Moi-même, j’en ai.  Des petits et des gros.  Par exemple, ce blog a été tenu secret durant des mois, jusqu’à ce que j’en parle à une seule et unique personne, Mostek, qui a gardé le secret.  Je me souviens avoir, il y a vingt ans, confié un secret à celle qui était à l’époque ma meilleure amie.  Elle était la seule à le savoir, et par conséquent la seule à trahir mon secret ensuite.  Déception fulgurante.  Passque moi, je suis une tombe.  J’ai gardé pas mal de secrets, et j’en garde encore.  Jamais à l’abri d’une gaffe, l’Anaïs, mais ayant pour principe de ne jamais trahir la confiance liée au secret révélé.

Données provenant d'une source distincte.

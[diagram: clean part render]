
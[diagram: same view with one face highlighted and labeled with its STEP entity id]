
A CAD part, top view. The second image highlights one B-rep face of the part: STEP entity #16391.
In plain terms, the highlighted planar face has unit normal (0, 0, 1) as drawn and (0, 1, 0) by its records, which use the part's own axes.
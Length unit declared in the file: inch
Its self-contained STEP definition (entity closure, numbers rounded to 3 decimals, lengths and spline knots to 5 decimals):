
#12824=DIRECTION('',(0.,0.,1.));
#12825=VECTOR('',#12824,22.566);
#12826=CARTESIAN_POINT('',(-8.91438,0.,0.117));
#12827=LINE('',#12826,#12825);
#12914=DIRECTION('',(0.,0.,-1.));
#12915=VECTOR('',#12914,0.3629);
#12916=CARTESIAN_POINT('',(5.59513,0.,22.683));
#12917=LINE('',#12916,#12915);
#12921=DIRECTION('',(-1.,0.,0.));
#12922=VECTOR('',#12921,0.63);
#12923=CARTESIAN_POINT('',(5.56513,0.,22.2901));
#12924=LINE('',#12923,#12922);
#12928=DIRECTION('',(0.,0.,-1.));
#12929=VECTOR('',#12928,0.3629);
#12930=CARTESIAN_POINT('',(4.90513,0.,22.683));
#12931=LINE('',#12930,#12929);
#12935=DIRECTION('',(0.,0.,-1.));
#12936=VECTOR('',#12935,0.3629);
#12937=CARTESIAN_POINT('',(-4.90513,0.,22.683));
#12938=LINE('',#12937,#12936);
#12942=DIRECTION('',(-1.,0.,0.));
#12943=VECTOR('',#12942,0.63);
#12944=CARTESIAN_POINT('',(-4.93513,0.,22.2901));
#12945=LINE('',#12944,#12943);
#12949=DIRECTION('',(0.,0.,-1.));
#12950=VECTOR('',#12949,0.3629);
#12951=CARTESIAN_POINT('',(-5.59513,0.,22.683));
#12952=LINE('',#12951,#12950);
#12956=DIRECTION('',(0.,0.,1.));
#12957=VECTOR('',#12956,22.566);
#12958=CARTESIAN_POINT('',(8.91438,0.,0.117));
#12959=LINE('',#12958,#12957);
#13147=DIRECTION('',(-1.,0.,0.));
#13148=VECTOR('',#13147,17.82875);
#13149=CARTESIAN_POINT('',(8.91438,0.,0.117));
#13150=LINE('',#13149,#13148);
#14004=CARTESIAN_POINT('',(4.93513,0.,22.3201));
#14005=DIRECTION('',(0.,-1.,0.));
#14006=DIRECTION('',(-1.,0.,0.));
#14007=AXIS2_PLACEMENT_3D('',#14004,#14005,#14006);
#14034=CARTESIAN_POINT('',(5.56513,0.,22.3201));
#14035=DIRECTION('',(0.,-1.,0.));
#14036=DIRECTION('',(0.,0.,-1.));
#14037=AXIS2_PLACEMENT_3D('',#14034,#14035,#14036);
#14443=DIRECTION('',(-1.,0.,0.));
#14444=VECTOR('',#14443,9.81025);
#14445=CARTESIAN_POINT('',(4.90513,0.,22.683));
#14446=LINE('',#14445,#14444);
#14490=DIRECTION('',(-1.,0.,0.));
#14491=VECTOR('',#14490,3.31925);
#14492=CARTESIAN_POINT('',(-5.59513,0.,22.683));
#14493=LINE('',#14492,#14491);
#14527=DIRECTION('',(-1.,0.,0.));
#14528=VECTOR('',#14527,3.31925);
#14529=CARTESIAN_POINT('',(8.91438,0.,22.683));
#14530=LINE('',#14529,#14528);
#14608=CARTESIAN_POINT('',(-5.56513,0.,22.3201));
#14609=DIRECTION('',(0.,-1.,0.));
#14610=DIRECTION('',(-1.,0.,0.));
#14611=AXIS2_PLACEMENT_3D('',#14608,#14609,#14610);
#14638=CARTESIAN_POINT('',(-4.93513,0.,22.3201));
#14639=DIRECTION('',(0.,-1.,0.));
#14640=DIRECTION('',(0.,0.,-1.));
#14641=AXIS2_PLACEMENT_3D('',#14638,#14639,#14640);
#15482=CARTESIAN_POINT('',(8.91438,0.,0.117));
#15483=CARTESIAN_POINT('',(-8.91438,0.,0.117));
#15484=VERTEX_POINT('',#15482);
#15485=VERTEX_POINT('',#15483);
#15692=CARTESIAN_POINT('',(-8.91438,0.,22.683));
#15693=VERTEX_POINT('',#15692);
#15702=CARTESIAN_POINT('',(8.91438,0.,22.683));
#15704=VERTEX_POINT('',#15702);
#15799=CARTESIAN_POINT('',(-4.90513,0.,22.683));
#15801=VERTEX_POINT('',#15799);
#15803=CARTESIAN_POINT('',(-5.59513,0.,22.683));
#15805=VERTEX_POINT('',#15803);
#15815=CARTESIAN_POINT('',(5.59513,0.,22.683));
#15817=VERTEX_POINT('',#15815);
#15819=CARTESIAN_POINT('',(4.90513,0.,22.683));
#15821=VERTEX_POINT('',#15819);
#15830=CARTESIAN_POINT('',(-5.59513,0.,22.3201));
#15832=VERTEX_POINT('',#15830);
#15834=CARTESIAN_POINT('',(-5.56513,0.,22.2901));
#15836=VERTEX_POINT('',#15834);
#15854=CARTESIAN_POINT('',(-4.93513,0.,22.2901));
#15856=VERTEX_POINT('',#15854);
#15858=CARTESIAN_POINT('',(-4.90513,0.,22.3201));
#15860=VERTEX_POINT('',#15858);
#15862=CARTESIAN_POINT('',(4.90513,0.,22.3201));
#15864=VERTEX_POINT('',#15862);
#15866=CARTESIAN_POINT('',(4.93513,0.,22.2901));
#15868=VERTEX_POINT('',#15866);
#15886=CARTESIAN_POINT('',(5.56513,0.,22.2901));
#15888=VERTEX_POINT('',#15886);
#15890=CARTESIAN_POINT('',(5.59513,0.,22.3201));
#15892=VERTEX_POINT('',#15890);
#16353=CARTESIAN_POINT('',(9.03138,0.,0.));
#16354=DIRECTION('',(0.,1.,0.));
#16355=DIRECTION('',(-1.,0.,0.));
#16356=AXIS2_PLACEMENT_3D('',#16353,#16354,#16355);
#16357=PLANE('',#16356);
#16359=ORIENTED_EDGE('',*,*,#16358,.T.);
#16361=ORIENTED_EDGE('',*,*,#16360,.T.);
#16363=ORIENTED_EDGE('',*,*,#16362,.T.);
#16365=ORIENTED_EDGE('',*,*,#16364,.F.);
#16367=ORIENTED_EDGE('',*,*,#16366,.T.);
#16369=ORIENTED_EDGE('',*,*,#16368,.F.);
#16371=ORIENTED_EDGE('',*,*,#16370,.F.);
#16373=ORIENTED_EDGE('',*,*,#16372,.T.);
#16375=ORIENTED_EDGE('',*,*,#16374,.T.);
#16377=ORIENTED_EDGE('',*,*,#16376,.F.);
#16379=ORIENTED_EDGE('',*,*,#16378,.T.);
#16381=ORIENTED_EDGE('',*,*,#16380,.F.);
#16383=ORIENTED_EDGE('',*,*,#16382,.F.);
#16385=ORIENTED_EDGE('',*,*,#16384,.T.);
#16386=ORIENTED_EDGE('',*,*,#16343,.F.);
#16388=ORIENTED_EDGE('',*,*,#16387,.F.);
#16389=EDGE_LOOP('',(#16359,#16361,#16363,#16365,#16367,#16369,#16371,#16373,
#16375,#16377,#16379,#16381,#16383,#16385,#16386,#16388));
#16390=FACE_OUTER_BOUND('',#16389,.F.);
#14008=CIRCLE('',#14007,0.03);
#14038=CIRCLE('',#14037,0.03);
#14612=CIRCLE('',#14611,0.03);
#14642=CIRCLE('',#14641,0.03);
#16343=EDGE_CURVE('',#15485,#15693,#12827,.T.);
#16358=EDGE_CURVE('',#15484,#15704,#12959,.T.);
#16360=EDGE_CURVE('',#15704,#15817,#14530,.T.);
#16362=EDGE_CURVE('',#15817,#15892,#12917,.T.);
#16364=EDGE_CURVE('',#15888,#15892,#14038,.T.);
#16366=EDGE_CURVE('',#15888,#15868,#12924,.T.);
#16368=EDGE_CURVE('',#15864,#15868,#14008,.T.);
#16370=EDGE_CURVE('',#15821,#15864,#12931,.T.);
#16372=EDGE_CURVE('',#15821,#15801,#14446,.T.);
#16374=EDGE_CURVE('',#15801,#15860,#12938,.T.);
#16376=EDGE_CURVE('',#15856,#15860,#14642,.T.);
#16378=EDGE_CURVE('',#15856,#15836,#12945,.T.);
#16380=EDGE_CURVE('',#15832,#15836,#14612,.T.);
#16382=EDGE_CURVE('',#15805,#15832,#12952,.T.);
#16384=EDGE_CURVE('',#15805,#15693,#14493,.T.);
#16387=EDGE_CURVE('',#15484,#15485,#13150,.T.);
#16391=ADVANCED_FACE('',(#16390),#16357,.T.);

Et puis, j’ai ce secret que nul ne connaît.  Ce secret que je n’ai confié à personne et que j’emporterai dans ma tombe, tant j’ai honte (honte comme sur le dessin de Ptit bordel, là-haut, vous voyez, honte honte honte).  Une honte qui parfois, remonte à la surface et me ronge.  Une chose secrète que j’ai faite et que je regretterai toute ma vie.  Un vrai secret qui le restera.  A tout jamais.  Mais qui n’enlève pas la culpabilité.  Pas un énorme secret, non, mais un vilain secret.  Impardonnable.  Faute avouée est à moitié pardonnée ?  Peut-être, mais ce secret, il m’est viscéralement impossible d’en parler, comme si, en mettant des mots, je lui rendais son horrible réalité, comme si je l’extrayais du fond de ma cervelle pour le rendre à nouveau vivant.  Impossible.  Je mourrai avec mon secret, espérant que, si Dieu ou qui que ce soit existe, il me fasse un lavage de cerveau à mon arrivée au paradis (ou en enfer).

Et vous, vous avez des secrets ?   Passque bon, ici, contrairement à moi, vous avez la chance de jouir de l’anonymat (mettez une adresse mail bidon, genre jaiunsecret@jteldiraipas.be), alors si l’envie vous vient de vous confier, de vous confesser, de vous libérer, c’est le moment, c’est l’instant.

Parlez maintenant ou taisez-vous à tout jamais.